Shpak streamlined the organization and obtained new missions for it, primarily in peacekeeping operations. By the time operations around Ulus-Kert were under way, the grouping of airborne forces had been subordinated to Colonel General Gennadiy N. Troshev, Commander of the Eastern Grouping of Federal Forces, who reported directly to General of the Army Viktor Kazantsev, who commanded the Operations Group, Joint Grouping of Federal Forces, in the North Caucasus. The arrangement was not a happy one; airborne forces felt they were not being properly supported.3


----------



## tomahawk6 (3 Mar 2008)

The Battle Begins 

The VDV tactical group was a task force based on divisional parachute regiments augmented with VDV command-level assets, such as reconnaissance subunits. The 104th GPR task force was assigned the mission of blocking Chechen escape routes east through the mountains. 104th GPR, like most Soviet/Russian parachute regiments, had three airborne battalions, an artillery battalion equipped with two S9, 120-millimeter, self-propelled guns and various support assets. Each airborne battalion had three airborne companies numbered sequentially one through nine, with the first, second and third companies composing the 1st Airborne Battalion and so on. Each 104th GPR company was augmented with reconnaissance and/or SPETSNAZ subunits from the VDV command to form company tactical groups.4 

Hills 705.6, 776, 787 and 1410 were the main features of the net 104th GPR used to encircle the Chechen force. The VDV tactical group's main body crossed the Sharoargun and Abazolgul rivers, pushing the Chechen force out of Ulus-Kert toward the southeast. 104th GPR's 1st Company, 1st Airborne Battalion, still had not crossed either the Abazolgul or the Sharoargun. An unidentified 104th GPR company was on or near Hill 705.6. 4th Company and an unidentified 104th GPR airborne company, two VDV SPETS-NAZ groups and an elite Federal Security Service (FSB)—successor to the KGB—SPETSNAZ group, known as Vympel, were on Hill 1410. Present at 2d Airborne Battalion Headquarters on Hill 776 were Commander, 2d Airborne Battalion, Lieutenant Colonel Mark Niko-layevich Yevtyukhin, and Captain Viktor Romanov, the commander of an artillery battery of the regimental artillery battalion who was heading a forward observer team. 6th Company, commanded by Major Sergey Molodov, was en route to the saddle between Hills 776 and 787. 104th GPR was engaged in positioning companies to block escape routes over the mountains. 
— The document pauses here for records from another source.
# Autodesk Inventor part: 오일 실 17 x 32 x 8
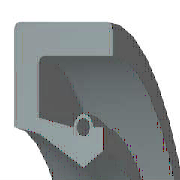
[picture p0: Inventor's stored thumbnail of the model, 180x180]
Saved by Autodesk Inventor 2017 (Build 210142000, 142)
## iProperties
IsCustomPart: 1
Created: 2012-02
Part Number: 오일 실 17 x 32 x 8
Material: 고무
Description: 오일-실
Document SubType Name: Modeling
Standard: KS B 2804
Designer: test
Standards Organization: KS
Language: ko-KR
Size Designation: S - 17 32 8
Categories: <MemberInstance><Categories><Category DisplayName="샤프트 부품" InternalName="7f7aeb1f-a693-4053-b835-cee3144e0d98" Mnemonic="SHFT"><Category DisplayName="실링" Intern
Density: 0.93 g/cm^3
Appearance: 고무 - 검은색 - 버전 1.1
Author: test
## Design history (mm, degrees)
revolve "본체" stored, may be unused: angle "d17" = 90 deg
revolve "스프링1" stored, may be unused: angle "d18" = 90 deg
body "Solid1"
sketch "스케치1"
  geometry: L1 (0, 16)-(8, 16); L2 (8, 16)-(8, 14.75); L3 (8, 14.75)-(1.75, 14.75); L4 (0, 16)-(0, 10.6); L5 (0, 10.6)-(1.75, 10.25); L6 (1.75, 10.25)-(4.9, 8.5); L7 (4.9, 8.5)-(0, 8.5); L8 (6.3, 9.375)-(6.3, 10.6); L9 (0, 0)-(9.586, 0) reference; L10 (4.9, 8.5)-(6.3, 9.375); L11 (0, 18)-(0, -3) reference; L12 (-1.917, 0)-(11.503, 0) reference; L13 (4.2, 10.6)-(1.75, 11.09); L14 (1.75, 11.09)-(1.75, 14.75); L15 (6.3, 10.6)-(5.6, 10.6); C1 r 0.455 at (4.9, 10.6); A1 r 0.7 centre (4.9, 10.6) between (5.6, 10.6) and (4.2, 10.6)
  constraints: 26 end point, 5 horizontal alignment, 4 perpendicular, 2 centre point, 2 collinear, 2 horizontal, 2 parallel, 2 point on circle, 2 point on line, 2 vertical alignment, 1 coincident
  dimensions: "d0" = 32 diameter of L1 L9 (= SD2); "d1" = 18.75 diameter of L8.start L9 (= ABDM); "d2" = 1.25 distance of L1.end L2.end (computed from SD); "d3" = 0.91 diameter of C1 (= SPDI); "d4" = 1.4 diameter of A1 (= SPDA); "d5" = 17 diameter of L6.end L9 (= NND); "d6" = 20.5 diameter of L5.end L9 (= TKDM); "d7" = 21.2 diameter of L4.end L9 (= HLDM); "d8" = 4.9 distance from line of C1.centre L4 (= SPDST); "d9" = 6.3 distance between parallel lines of L8 L4 (= SDI); "d10" = 8 distance between parallel lines of L2 L4 (= SWDT); "d12" = 1.75 distance between parallel lines of L14 L4 (= SD)
fillet "모깎기1" dims "d11" = 0.3 (= RR)
other parameters: "SD2" = 32 [user parameter; used in 1 equation term], "SWDT" = 8 [user parameter; used in 1 equation term], "RR" = 0.3 [user parameter; used in 1 equation term], "SD" = 1.75 [user parameter; used in 2 equation terms], "NND" = 17 [user parameter; used in 1 equation term], "SPDA" = 1.4 [user parameter; used in 1 equation term], "SPDI" = 0.91 [user parameter; used in 1 equation term], "TKDM" = 20.5 [user parameter; used in 1 equation term], "HLDM" = 21.2 [user parameter; used in 1 equation term], "ABDM" = 18.75 [user parameter; used in 1 equation term], "SDI" = 6.3 [user parameter; used in 1 equation term], "SPDST" = 4.9 [user parameter; used in 1 equation term], "d13" = 0, "d14" = 0, "d15" = 0, "LAB" = 0.35 [user parameter]

The Chechen force, retreating to the southeast of Ulus-Kert along a road leading over Hill 705.6 away from the main advancing body of the VDV tactical group, was looking for the first unguarded or weakly held way over the mountains. The 1,600 to 2,500 fighters wore winter camouflage and were well equipped with various small arms, grenade launchers and mortars. They were supported by a logistics train of hundreds of pack animals. 

Day 1, 29 February 2000 

Early on 29 February, a 104th GPR airborne company encountered a significant Chechen force on the road leading southeast out of Ulus-Kert. Russian paratroopers engaged the Chechen fighters for control of Hill 705.6. The Russian company, significantly stressed during the fight, gained control of the hill and pushed the Chechen force southeast into the small gorge below. The company was most likely heavily supported by artillery and helicopters, as was the usual Russian operation in this war. 

The 104th GPR commander ordered 2d Airborne Battalion elements to block the saddle between hills 776 and 787, which was the next possible path over the mountains for the Chechens. The 2d Airborne Battalion headquarters was already in place on Hill 776. The 2d Airborne Battalion element was to be in place by 1400. In the early morning, 6th Company, including the third platoon, 4th Company, and two reconnaissance groups, probably from the regimental reconnaissance platoon, started on foot toward the saddle.5 

6th Company, with the other elements, minus the company's third platoon, arrived by late morning, ahead of schedule. The company commander established a linear defense in the saddle between the hills, fronted by a minefield facing west toward the gorge. The defense focused on the Chechen forces' expected direction of escape. No access routes through the minefield were prepared nor were platoon positions sited to be mutually supportive.6 After establishing company positions, troops began their afternoon meal, leaving their positions and congregating in the open.7 

The Chechen force clearly had a better grasp of the situation. The fighters had been listening to 104th GPR communications and used this advantage and good ground reconnaissance to locate 104th GPR subunits and to set ambushes. At 1230, a 6th Company reconnaissance patrol encountered approximately 20 fighters just outside company defensive positions. That the Chechens could approach that close without detection shows that the Russians had conducted no deep reconnaissance of the approaches to the saddle. 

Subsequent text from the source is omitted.